ORFribo inputs#
ORFribo takes as inputs several files that must be stored either in the /database/ or /fastq/ folders of the container (see here for more details on the preparation of the folders of the container).
The following files must be stored in the /database/ directory of the container#
- a fasta file containing the nucleotide sequences of the chromosomes or contigs of a genome
- the original annotation of the genome in a gff file (see the GFF3 documentation for more details on the gff3 format).
- the gff file containing the ORFs to be analyzed.

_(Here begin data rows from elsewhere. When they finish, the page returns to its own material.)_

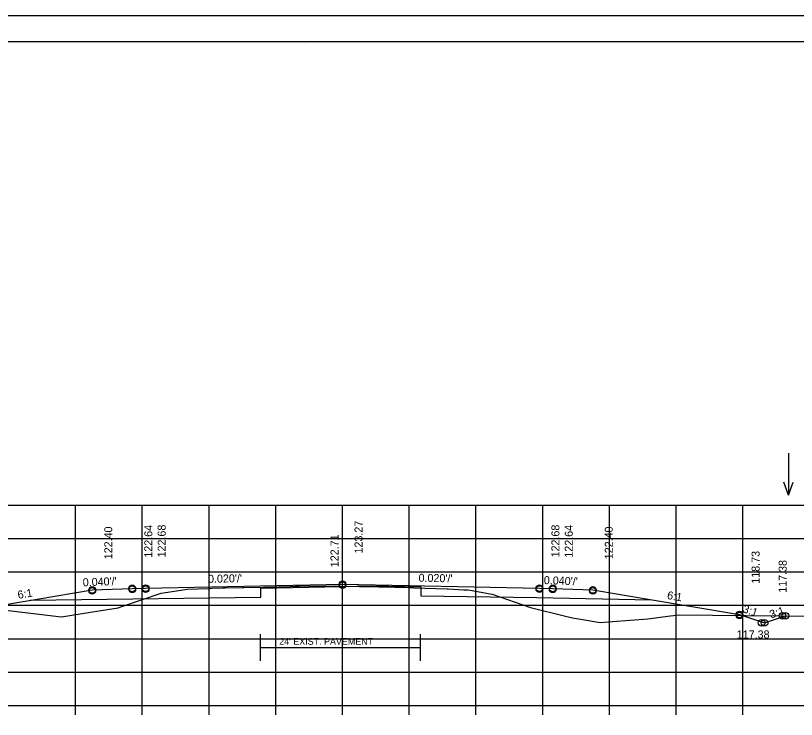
# Model space of a CAD drawing. Extents: x 1175611 to 1176402, y -433344 to -416213.
# Drawn here: x 1175732 to 1175849, y -420648.7 to -420543.3 of the extents above; entities that cross this region are included whole.
import ezdxf

# ---------------------------------------------------------------- set-up
doc = ezdxf.new("R2010")
doc.units = 0
for name, color, linetype in [('R_Alt Surface', 7, 'Continuous'), ('R_Axis', 7, 'Continuous'), ('R_Border', 7, 'Continuous'), ('R_Exist Surface', 7, 'Continuous'), ('R_Fin Surface', 7, 'Continuous'), ('R_Grid', 7, 'Continuous'), ('R_No Plot', 7, 'Continuous'), ('R_Water Annot', 7, 'Continuous'), ('R_Xsect Elev', 7, 'Continuous'), ('R_Xsect Slope', 7, 'Continuous')]:
    doc.layers.add(name, color=color, linetype=linetype)

msp = doc.modelspace()

# ---------------------------------------------------------------- linework, layer by layer
at = {"layer": 'R_Alt Surface'}
msp.add_line((1175768.67, -420637.91), (1175792.67, -420637.91), dxfattribs=at)
for points in [[(1175734.18, -420630.86), (1175768.73, -420630.37), (1175768.73, -420629.05), (1175785.53, -420628.71), (1175792.73, -420628.86), (1175792.73, -420630.18), (1175810.11, -420630.44), (1175827.28, -420630.78)], [(1175768.67, -420639.91), (1175768.67, -420635.91)], [(1175792.67, -420639.91), (1175792.67, -420635.91)]]:
    msp.add_lwpolyline(points, dxfattribs=at)
at = {"layer": 'R_Axis'}
for p, q in [((1175640.97, -420646.61), (1175920.97, -420646.61)), ((1175740.97, -420648.01), (1175740.97, -420646.61)), ((1175750.97, -420648.01), (1175750.97, -420646.61)), ((1175760.97, -420648.01), (1175760.97, -420646.61)), ((1175770.97, -420648.01), (1175770.97, -420646.61)), ((1175780.97, -420648.01), (1175780.97, -420646.61)), ((1175790.97, -420648.01), (1175790.97, -420646.61)), ((1175800.97, -420648.01), (1175800.97, -420646.61)), ((1175810.97, -420648.01), (1175810.97, -420646.61)), ((1175820.97, -420648.01), (1175820.97, -420646.61)), ((1175830.97, -420648.01), (1175830.97, -420646.61)), ((1175840.97, -420648.01), (1175840.97, -420646.61))]:
    msp.add_line(p, q, dxfattribs=at)
at = {"layer": 'R_Border'}
for p, q in [((1175622.97, -420547.15), (1175939.15, -420547.15)), ((1175775.49, -420547.41), (1175775.49, -420547.41)), ((1175775.49, -420547.41), (1175775.49, -420547.41))]:
    msp.add_line(p, q, dxfattribs=at)
at = {"layer": 'R_Exist Surface'}
msp.add_lwpolyline([(1175728.37, -420632.09), (1175738.41, -420633.26), (1175738.87, -420633.31), (1175743.22, -420632.61), (1175747.33, -420631.96), (1175747.92, -420631.76), (1175753.82, -420629.8), (1175755.45, -420629.56), (1175757.7, -420629.21), (1175759.3, -420629.14), (1175761.11, -420629.07), (1175761.45, -420629.06), (1175763.06, -420629), (1175763.41, -420628.99), (1175765.99, -420628.92), (1175766.19, -420628.92), (1175769.12, -420628.87), (1175769.36, -420628.87), (1175771.37, -420628.83), (1175771.53, -420628.82), (1175773.13, -420628.77), (1175773.16, -420628.77), (1175773.93, -420628.75), (1175774.49, -420628.75), (1175779.97, -420628.71), (1175780.57, -420628.72), (1175786.39, -420628.86), (1175786.58, -420628.86), (1175790.92, -420628.96), (1175791.17, -420628.96), (1175791.6, -420628.98), (1175796.67, -420629.14), (1175796.82, -420629.15), (1175799.17, -420629.27), (1175799.45, -420629.28), (1175799.77, -420629.3), (1175800.4, -420629.41), (1175803.35, -420629.92), (1175803.36, -420629.92), (1175803.37, -420629.92), (1175809.15, -420631.93), (1175814.4, -420633.22), (1175815.42, -420633.46), (1175816.95, -420633.74), (1175819.57, -420634.17), (1175821.43, -420634.03), (1175826.73, -420633.64), (1175830.1, -420633.17), (1175831.4, -420633.02), (1175866.32, -420633.36)], dxfattribs=at)
at = {"layer": 'R_Fin Surface'}
msp.add_lwpolyline([(1175713.83, -420632.03), (1175719.07, -420633.78), (1175721.47, -420632.98), (1175735.2, -420630.69), (1175743.47, -420629.31), (1175749.47, -420629.07), (1175751.47, -420629.03), (1175780.97, -420628.44), (1175810.47, -420629.03), (1175812.47, -420629.07), (1175818.47, -420629.31), (1175826.75, -420630.69), (1175840.47, -420632.98), (1175844.22, -420634.23), (1175847.36, -420633.18)], dxfattribs=at)
at = {"layer": 'R_Grid'}
for p, q in [((1175640.97, -420616.61), (1175920.97, -420616.61)), ((1175740.97, -420646.61), (1175740.97, -420616.61)), ((1175750.97, -420646.61), (1175750.97, -420616.61)), ((1175760.97, -420646.61), (1175760.97, -420616.61)), ((1175770.97, -420646.61), (1175770.97, -420616.61)), ((1175780.97, -420646.61), (1175780.97, -420616.61)), ((1175790.97, -420646.61), (1175790.97, -420616.61)), ((1175800.97, -420646.61), (1175800.97, -420616.61)), ((1175810.97, -420646.61), (1175810.97, -420616.61)), ((1175820.97, -420646.61), (1175820.97, -420616.61)), ((1175830.97, -420646.61), (1175830.97, -420616.61)), ((1175840.97, -420646.61), (1175840.97, -420616.61)), ((1175640.97, -420621.61), (1175920.97, -420621.61)), ((1175640.97, -420626.61), (1175920.97, -420626.61)), ((1175640.97, -420631.61), (1175920.97, -420631.61)), ((1175640.97, -420636.61), (1175920.97, -420636.61)), ((1175640.97, -420641.61), (1175920.97, -420641.61)), ((1175640.97, -420646.61), (1175920.97, -420646.61))]:
    msp.add_line(p, q, dxfattribs=at)
at = {"layer": 'R_No Plot'}
msp.add_line((1175610.57, -420543.25), (1175943.91, -420543.25), dxfattribs=at)
msp.add_lwpolyline([(1175610.57, -420543.25), (1175943.91, -420543.25), (1175943.91, -420756.59), (1175610.57, -420756.59)], close=True, dxfattribs=at)
for centre in [(1175749.47, -420629.07), (1175751.47, -420629.03), (1175751.47, -420629.17), (1175780.97, -420628.44), (1175780.97, -420628.58), (1175810.47, -420629.03), (1175810.47, -420629.17), (1175812.47, -420629.07), (1175743.47, -420629.31), (1175743.47, -420629.45), (1175749.47, -420629.21), (1175812.47, -420629.21), (1175818.47, -420629.31), (1175818.47, -420629.45), (1175840.47, -420632.98), (1175840.47, -420633.12), (1175846.91, -420633.18), (1175847.36, -420633.18), (1175847.36, -420633.18), (1175843.77, -420634.22), (1175844.22, -420634.23), (1175844.22, -420634.23)]:
    msp.add_circle(centre, 0.5, dxfattribs=at)
at = {"layer": 'R_Water Annot'}
for p, q in [((1175847.82, -420608.81), (1175847.82, -420615.09)), ((1175847.82, -420615.09), (1175847.12, -420613.17)), ((1175847.82, -420615.09), (1175848.52, -420613.17))]:
    msp.add_line(p, q, dxfattribs=at)

# ---------------------------------------------------------------- texts
at = {"layer": 'R_Alt Surface'}
msp.add_text("24' EXIST. PAVEMENT", height=1, dxfattribs=at).set_placement((1175771.48, -420637.52))
at = {"layer": 'R_Xsect Elev'}
for s, p in [('123.27', (1175783.97, -420623.84)), ('122.40', (1175746.47, -420624.71)), ('122.64', (1175752.47, -420624.47)), ('122.68', (1175754.47, -420624.43)), ('122.68', (1175813.47, -420624.43)), ('122.64', (1175815.47, -420624.47)), ('122.40', (1175821.47, -420624.71)), ('122.71', (1175780.37, -420625.9)), ('118.73', (1175843.47, -420628.37)), ('117.38', (1175847.53, -420629.73))]:
    msp.add_text(s, height=1.2, rotation=90, dxfattribs=at).set_placement(p)
msp.add_text('117.38', height=1.2, dxfattribs=at).set_placement((1175840.05, -420636.57))
at = {"layer": 'R_Xsect Slope'}
for s, rotation, p in [("0.040'/'", 2.2906, (1175742.07, -420628.77)), ("0.020'/'", 1.1458, (1175760.83, -420628.24)), ("0.020'/'", 358.8542, (1175792.36, -420628.07)), ("0.040'/'", 357.7094, (1175811.12, -420628.42)), ('6:1', 9.4623, (1175732.39, -420630.65)), ('6:1', 350.5377, (1175829.55, -420630.65)), ('3:1', 341.5651, (1175840.85, -420632.63)), ('3:1', 18.4349, (1175845.2, -420633.59))]:
    msp.add_text(s, height=1.2, rotation=rotation, dxfattribs=at).set_placement(p)

doc.saveas('drawing.dxf')

We strongly recommend using the gff file generated by ORFtrack that contains the ORF annotation of the input genome according to ORFtrack definition and parameters (ORF length and overlap). That said, the user can provide his/her own ORF annotation file. In this case, the ORF category of each annotated ORF (even if there is only one category, it must be named explicitly) must be indicated in the 3rd column of the gff file (see the ORFtrack output as example in ORFmine/examples/database/mapping_orf_Scer.gff)
- A fasta file with the sequences you do not want to treat and that you want to remove from the mapping, usually rRNA sequences (Ex : Scer_rRNA.fa)
The following files must be stored in the fastq directory of the container#
- Ribosome Profiling data (i.e. the fastq(.gz) files) (the /fastq/ folder must only contain the fastq files without anything else inside)
See here for more details on the preparation of the folders. An example of inputs can be found in the ORFmine/examples/ directory.